(Extracted data entries)

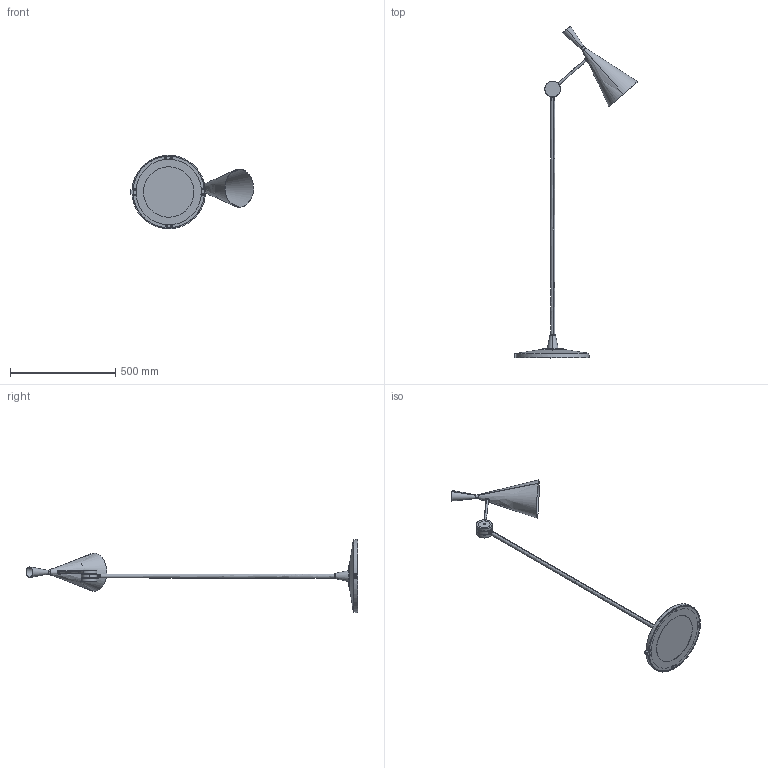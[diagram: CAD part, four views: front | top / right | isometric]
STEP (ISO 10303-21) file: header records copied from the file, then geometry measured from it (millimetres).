
FILE_DESCRIPTION(/* description */ (''),/* implementation_level */ '2;1');
FILE_NAME(/* name */ 'Floor',/* time_stamp */ '2022-07-12T13:01:15+01:00',/* author */ (''),/* organization */ (''),/* preprocessor_version */ 'ST-DEVELOPER v16.5',/* originating_system */ '',/* authorisation */ '');
FILE_SCHEMA (('AUTOMOTIVE_DESIGN'));
Length unit declared in the file: millimetre
Products named in the file (1): Document
Bounding box: 586.94 x 1580.48 x 349.83 mm (x, y, z)
Volume: 1462188.6 mm3; surface area: 938182.9 mm2
Topology: 18 solids, 18 shells, 1129 faces, 2826 edges, 1792 vertices
Faces by surface type: bspline 903, plane 226
Entity records: 55693 total; most frequent: CARTESIAN_POINT 39405, ORIENTED_EDGE 5644, EDGE_CURVE 2822, VERTEX_POINT 1792, B_SPLINE_CURVE_WITH_KNOTS 1520, EDGE_LOOP 1230, ADVANCED_FACE 1129, FACE_OUTER_BOUND 1129

**Goal of the exercise:** Make a verbatim copy of all the entries and strip out the pictures.

**Exercise solution:**
[diagram: CAD part, four views: front | top / right | isometric]
STEP (ISO 10303-21) file: header records copied from the file, then geometry measured from it (millimetres).
FILE_DESCRIPTION(/* description */ (''),/* implementation_level */ '2;1');
FILE_NAME(/* name */ 'Floor',/* time_stamp */ '2022-07-12T13:01:15+01:00',/* author */ (''),/* organization */ (''),/* preprocessor_version */ 'ST-DEVELOPER v16.5',/* originating_system */ '',/* authorisation */ '');
FILE_SCHEMA (('AUTOMOTIVE_DESIGN'));
Length unit declared in the file: millimetre
Products named in the file (1): Document
Bounding box: 586.94 x 1580.48 x 349.83 mm (x, y, z)
Volume: 1462188.6 mm3; surface area: 938182.9 mm2
Topology: 18 solids, 18 shells, 1129 faces, 2826 edges, 1792 vertices
Faces by surface type: bspline 903, plane 226
Entity records: 55693 total; most frequent: CARTESIAN_POINT 39405, ORIENTED_EDGE 5644, EDGE_CURVE 2822, VERTEX_POINT 1792, B_SPLINE_CURVE_WITH_KNOTS 1520, EDGE_LOOP 1230, ADVANCED_FACE 1129, FACE_OUTER_BOUND 1129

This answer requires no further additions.